Important Points to Remember in Chapter -1 - Oscillations from NCERT PHYSICS PART 2 TEXTBOOK FOR CLASS XI Solutions

1. Periodic, Oscillatory and Simple Harmonic Motion:

(i) Periodic motion is that motion of a body which repeats itself after regular interval of time.

(ii) Oscillatory motion is that motion of a body during which the body moves to and fro about a fixed point after regular intervals of time.

(iii) A particle executes S.H.M. if acceleration $a \propto - y$ . Negative sign shown that acceleration $a$ is always directed in the direction opposite to that of its displacement $y$ .

2. Time period ( $T$ ) and Frequency ( $f$ ):

(i) Time Period ( $T$ ) is the time taken by a vibrating body to complete one vibration.

(ii) Frequency ( $f$ ) is defined as the number of vibrations or oscillations completed by a vibrating body in one second.

(iii) $T = \frac{1}{f}$

3. General equation of SHM:

$y = A \sin (ω t + ϕ)$

4. Amplitude:

The amplitude of a body executing S.H.M. is the maximum distance travelled by the body from its mean or equilibrium position.

5. The time period of a simple pendulum:

The time period of a simple pendulum $T = 2 π \sqrt{\frac{l}{g}}$

6. Second’s pendulum:

Second's pendulum is a pendulum whose time period is 2 seconds.

7. Time period of a spring-block system:

The time period of a spring-block system: $T = 2 π \sqrt{\frac{m}{k}}$

8. Damped oscillations:

(i) Damped Oscillations are those periodic oscillations whose amplitude decreases with the passage of time.

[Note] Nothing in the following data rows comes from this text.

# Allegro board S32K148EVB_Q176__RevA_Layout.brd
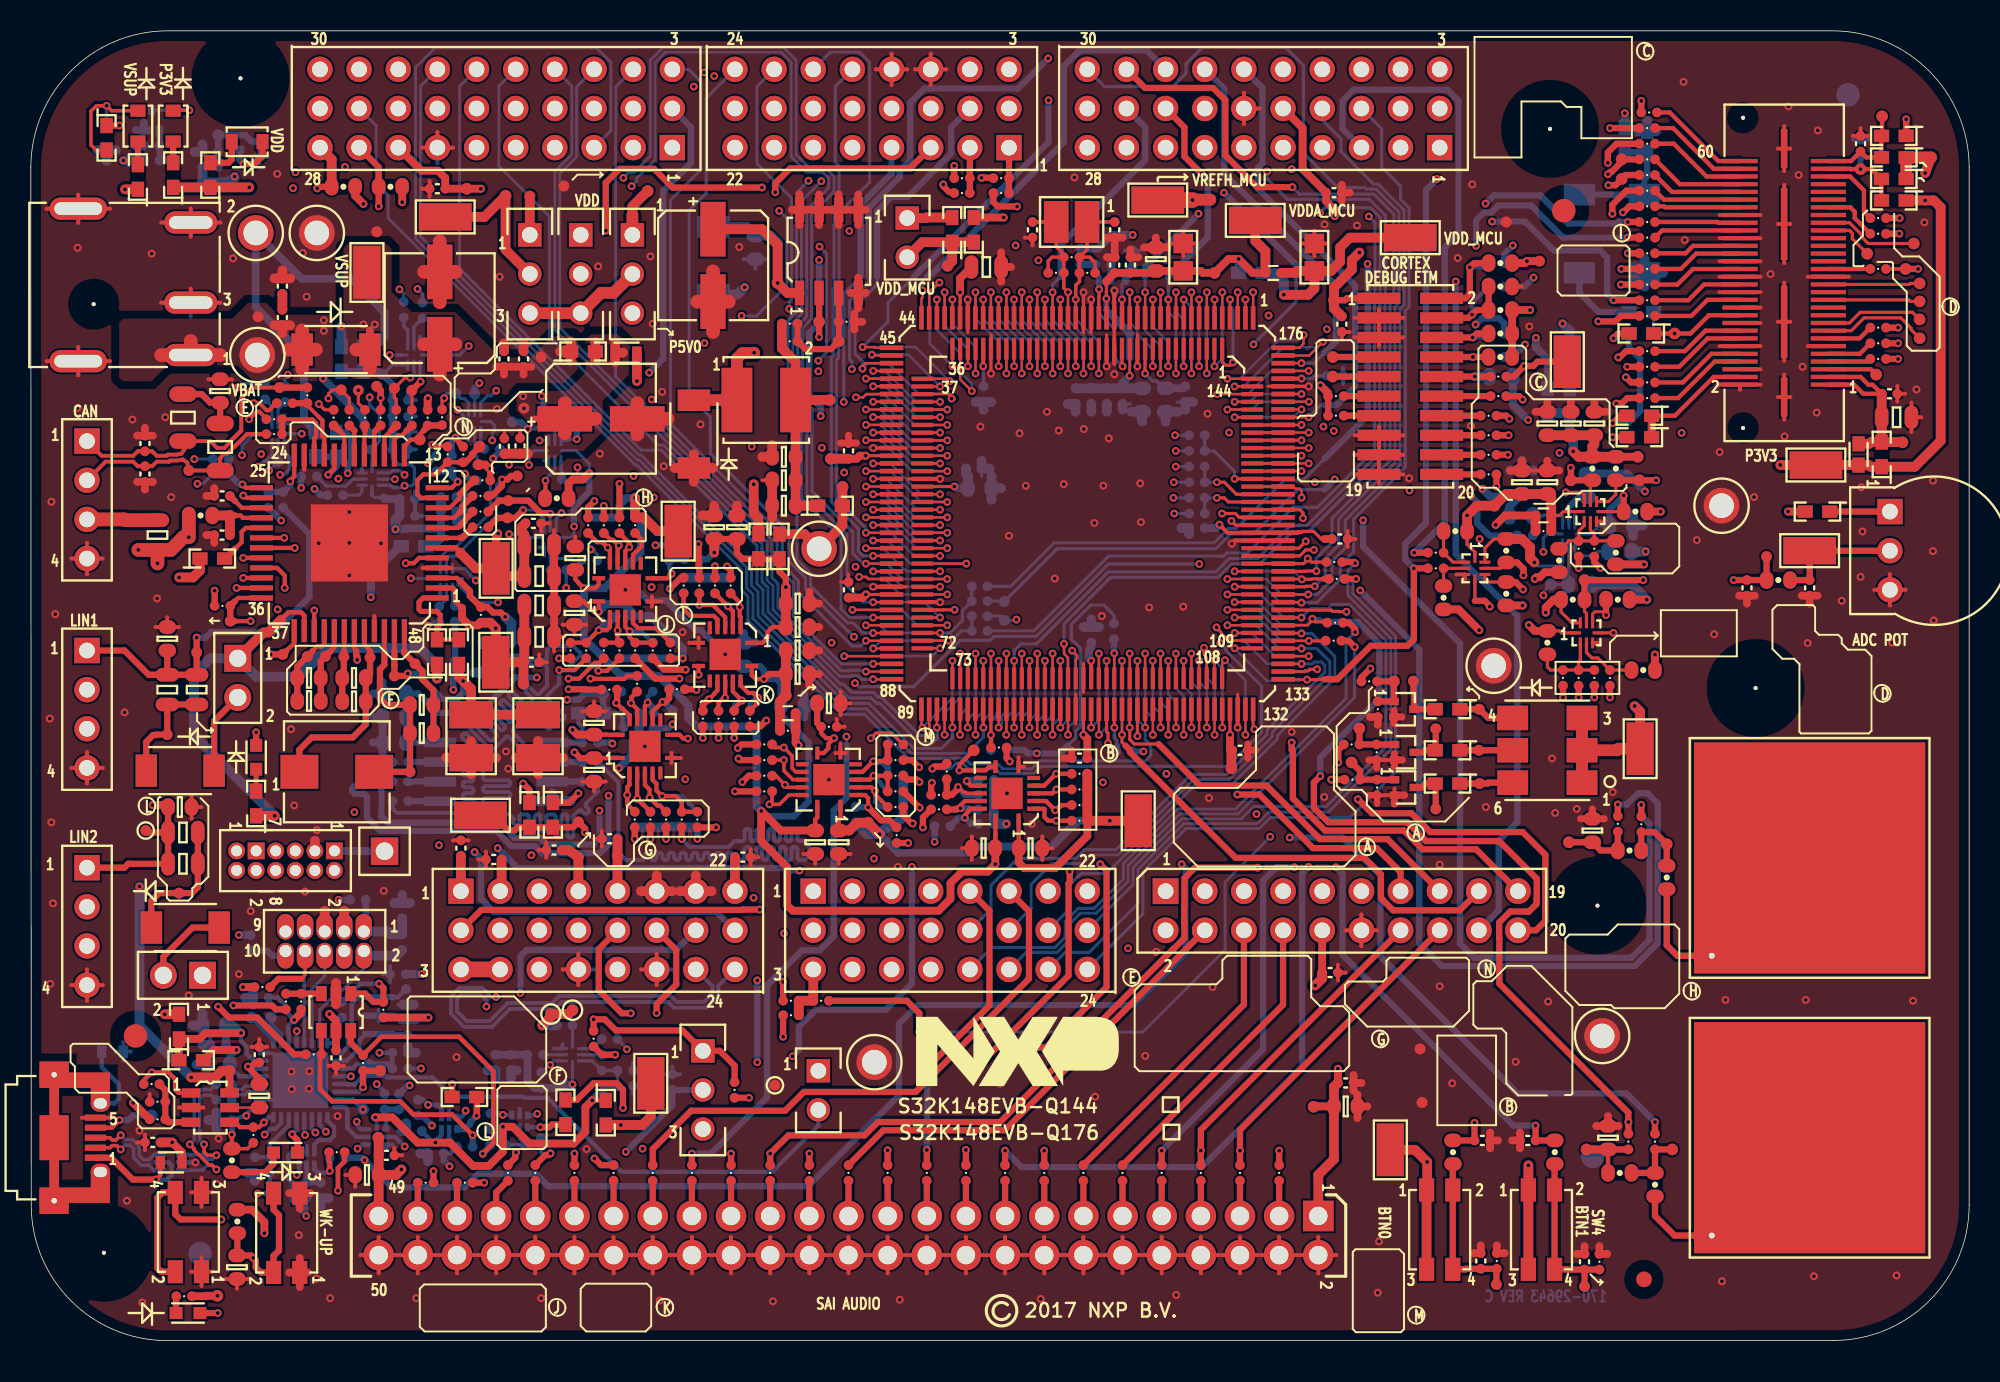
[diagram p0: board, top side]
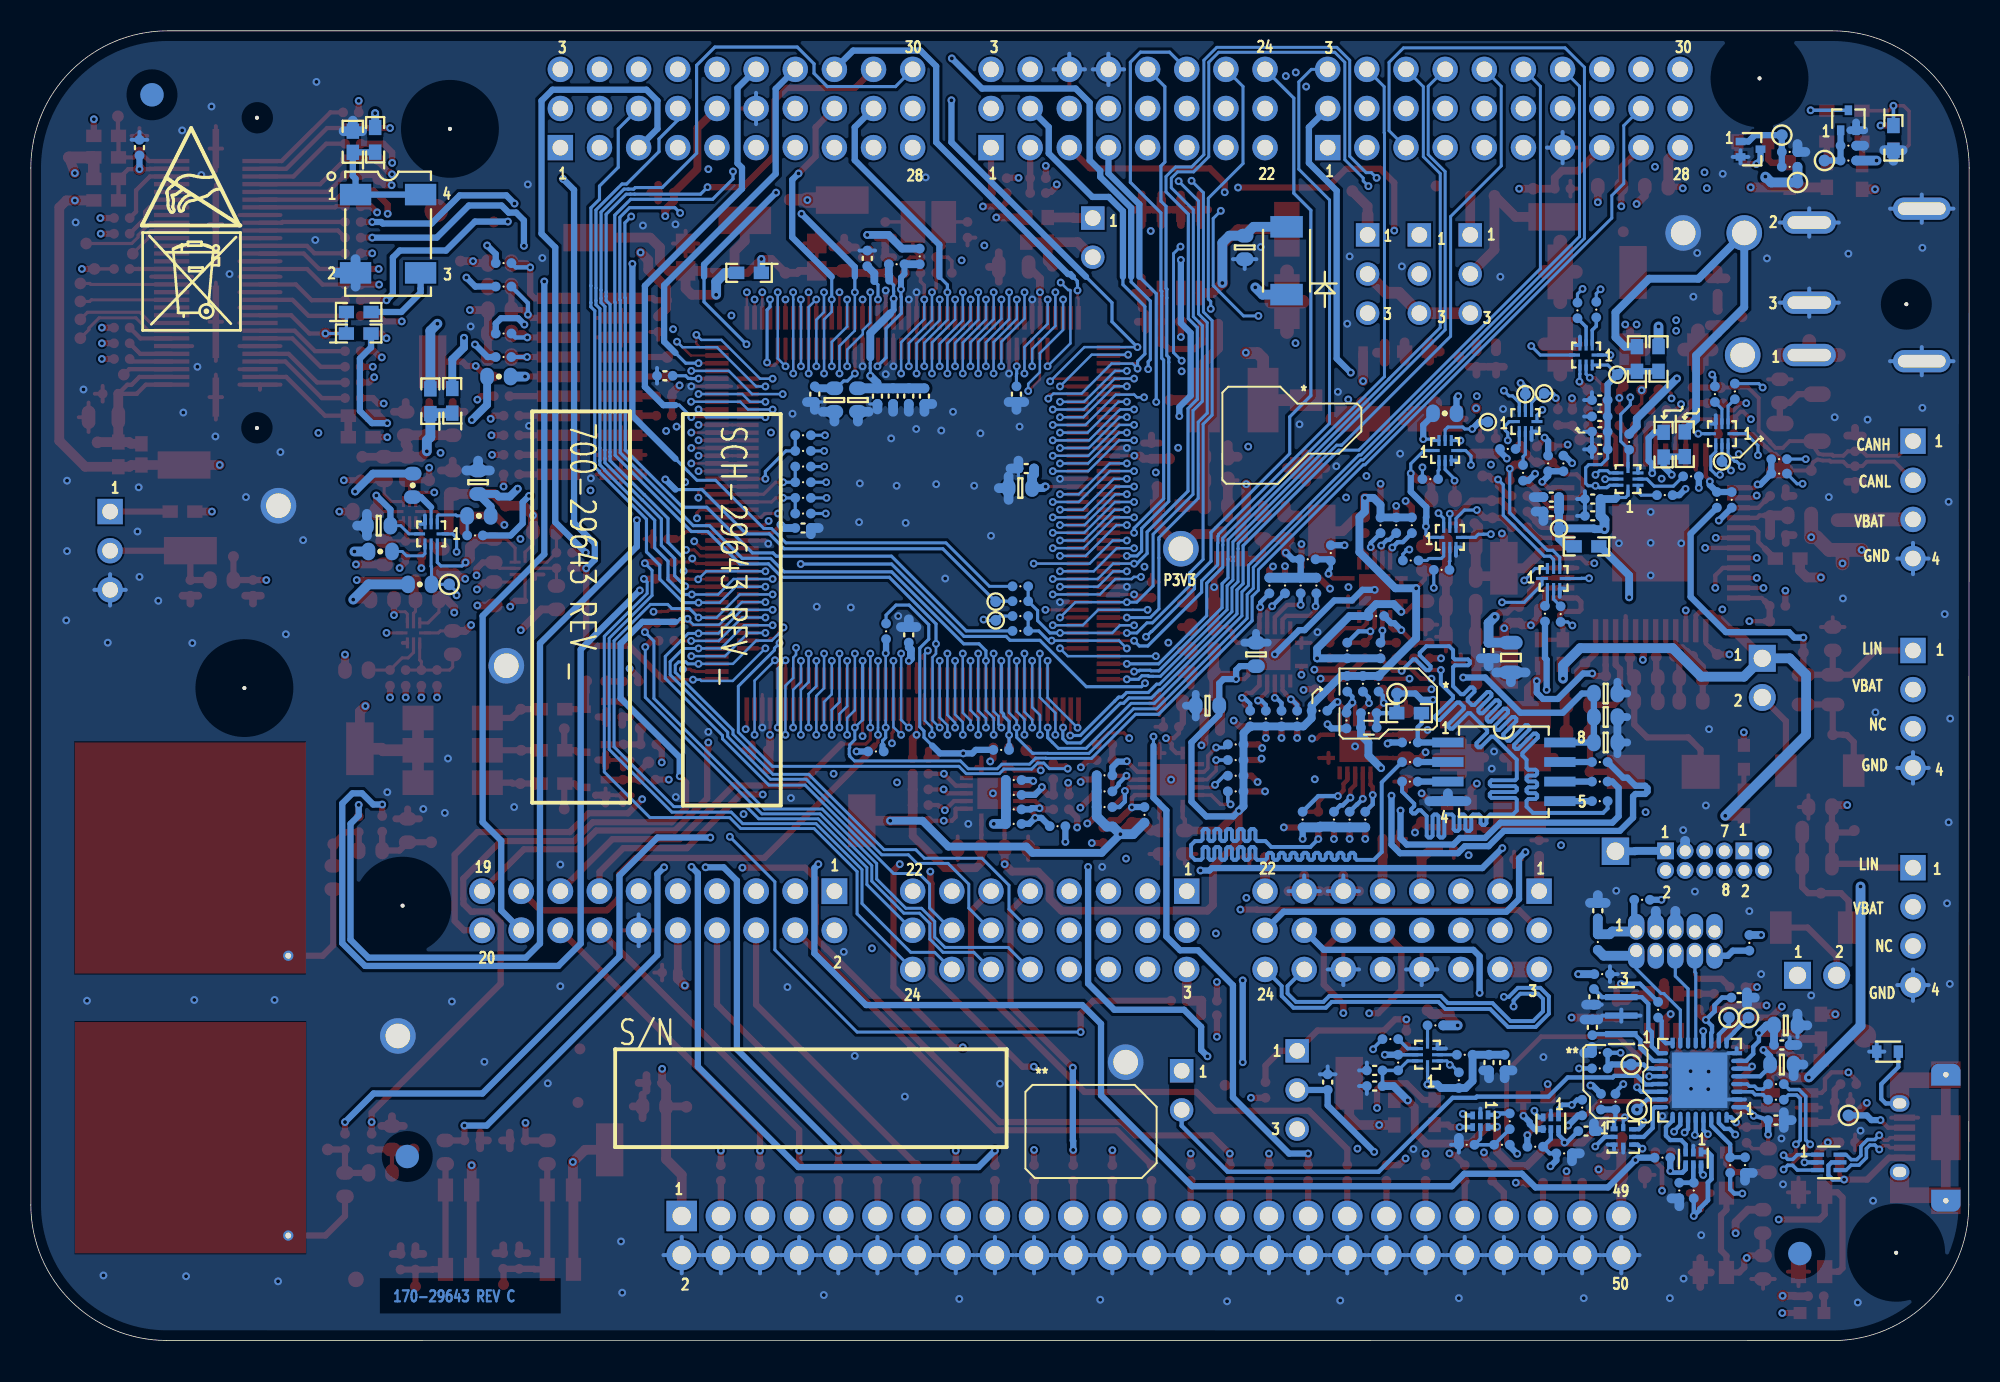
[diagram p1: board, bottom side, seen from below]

Outline 125.76 x 85.01 mm; copper layers: TOP, L2_GND_1, L3_INT_1, L4_PWR_1, L5_PWR_2, L6_INT_2, L7_GND_2, BOTTOM. Coordinates in mm from the lower left corner of the outline.
Outline path: 0,76.12 0.03,8.81 arc(2.6,2.59) 8.83,0 116.94,0.01 arc(123.17,2.59) 125.76,8.81 125.76,76.12 arc(123.15,82.41) 116.87,85.01 8.89,85.01 arc(2.6,82.41) 0,76.12

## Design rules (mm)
net group CLOCK: nets SDA_EXTAL SDA_XTAL
net group DP1: nets N17085305 N17085321
net group DP2: nets CAN_H CAN_L
net group DP3: nets CANH_OUT CANL_OUT
net group DP4: nets SBC_CANH SBC_CANL
net group SDA_USB_CONN_D: nets SDA_USB_CONN_DN SDA_USB_CONN_DP
net group USB_SI_CONN_D: nets SDA_USB_DN SDA_USB_DP
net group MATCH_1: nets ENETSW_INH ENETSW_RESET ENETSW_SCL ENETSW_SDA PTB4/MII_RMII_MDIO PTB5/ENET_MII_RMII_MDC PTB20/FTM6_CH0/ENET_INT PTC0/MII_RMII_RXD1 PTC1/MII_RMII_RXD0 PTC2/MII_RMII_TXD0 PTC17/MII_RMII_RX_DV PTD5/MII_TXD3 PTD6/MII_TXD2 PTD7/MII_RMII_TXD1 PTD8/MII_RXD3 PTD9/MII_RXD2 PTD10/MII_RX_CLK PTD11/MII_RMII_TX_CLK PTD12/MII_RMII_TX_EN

(ii) For small damping, amplitude can be written as $A = A_{0} e^{- b t / 2 m}$
(iii) Also for small damping, angular frequency can be written as $ω^{'} = \sqrt{\frac{k}{m} - \frac{b^{2}}{4 m^{2}}}$

9. Forced oscillations and Resonance:

(i) A system is said to execute forced oscillations when it is compelled or forced to oscillate with a frequency other than its natural frequency.

(ii) The phenomenon of producing oscillatory motion in a system by the influence of an external periodic force having the same frequency as that of the natural frequency of the system is called resonance.